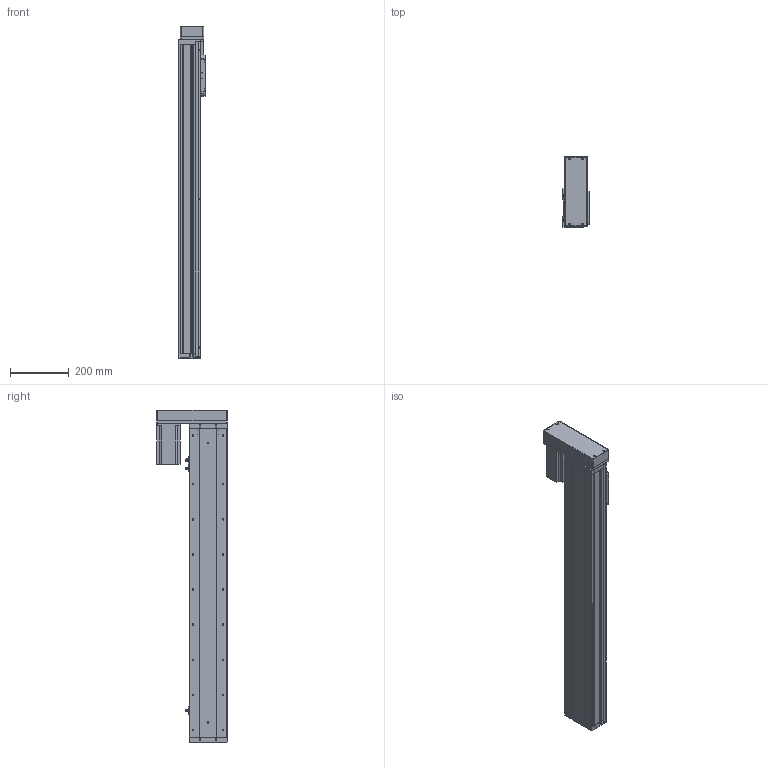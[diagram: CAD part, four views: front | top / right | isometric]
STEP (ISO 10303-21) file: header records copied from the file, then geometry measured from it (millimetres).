
FILE_DESCRIPTION (( 'STEP AP214' ), '1' );
FILE_NAME ('KSD130S-P2010-ML-CR-S850.STEP', '2019-09-24T06:28:10', ( '微软用户' ), ( '微软中国' ), 'SwSTEP 2.0', 'SolidWorks 2014', '' );
FILE_SCHEMA (( 'AUTOMOTIVE_DESIGN' ));
Length unit declared in the file: millimetre
Products named in the file (14): 130宽底板全封闭丝杠-850行程; KSD130S-P2010-ML-CR-S850; 130宽模组马达安装板连板左右折丝杆; 感应片130宽全封闭; U倰嫖萇EEㄜSX672; 130遵裔啣揤啣1; 台达ECMA－C20807AS伺服电机; 130宽盖板全封闭-850行程; 130宽滚珠螺姆安装板1防护罩; 130宽模组保护罩左右折; 130宽滚珠螺姆安装板1; 130宽侧板全封闭-850行程; 130宽全封闭马达安装板丝杠; 130宽全封闭端盖丝杠
Assembly tree (17 placements, depth 2):
  KSD130S-P2010-ML-CR-S850
    130宽底板全封闭丝杠-850行程
    130宽全封闭端盖丝杠
    130宽全封闭马达安装板丝杠
    130宽侧板全封闭-850行程  x2
    130宽滚珠螺姆安装板1
    130宽滚珠螺姆安装板1防护罩
    130宽盖板全封闭-850行程
    130遵裔啣揤啣1  x2
    U倰嫖萇EEㄜSX672  x3
    感应片130宽全封闭
    130宽模组马达安装板连板左右折丝杆
    台达ECMA－C20807AS伺服电机
    130宽模组保护罩左右折
Bounding box: 90 x 240 x 1134.5 mm (x, y, z)
Volume: 4175249.3 mm3; surface area: 1339458.1 mm2
Topology: 18 solids, 18 shells, 1514 faces, 4116 edges, 2581 vertices
Faces by surface type: cylinder 672, plane 611, cone 231
Entity records: 46122 total; most frequent: DIRECTION 7027, CARTESIAN_POINT 6889, ORIENTED_EDGE 6478, EDGE_CURVE 3239, AXIS2_PLACEMENT_3D 2535, VERTEX_POINT 2111, LINE 1957, VECTOR 1957
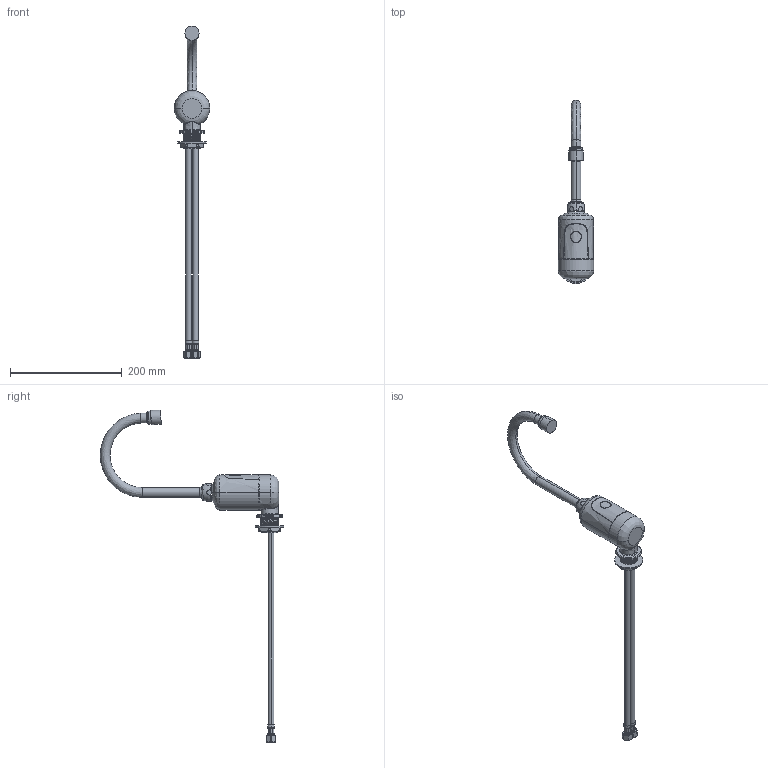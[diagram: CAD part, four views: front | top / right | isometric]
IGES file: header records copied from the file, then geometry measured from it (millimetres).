
Start section:  PTC IGES file: 116-114-AB-1_REV030910.igs
Global section: file name: 116-114-AB-1_REV030910.igs; native system: Pro/ENGINEER by Parametric Technology Corporation; preprocessor: 2009230; author: sdmitruk; organization: Unknown; date: 20100309.090140; units: inch
Bounding box: 63.5 x 329.03 x 595.49 mm (x, y, z)
Surface area: 97137.9 mm2 (no closed solid volume)
Topology: 0 solids, 37 shells, 322 faces, 897 edges, 600 vertices
Faces by surface type: revolution 174, bspline 148
###
## Problem description:
Report each line above containing the string "Topology".

## Your response:
Topology: 18 solids, 18 shells, 1514 faces, 4116 edges, 2581 vertices
Topology: 0 solids, 37 shells, 322 faces, 897 edges, 600 vertices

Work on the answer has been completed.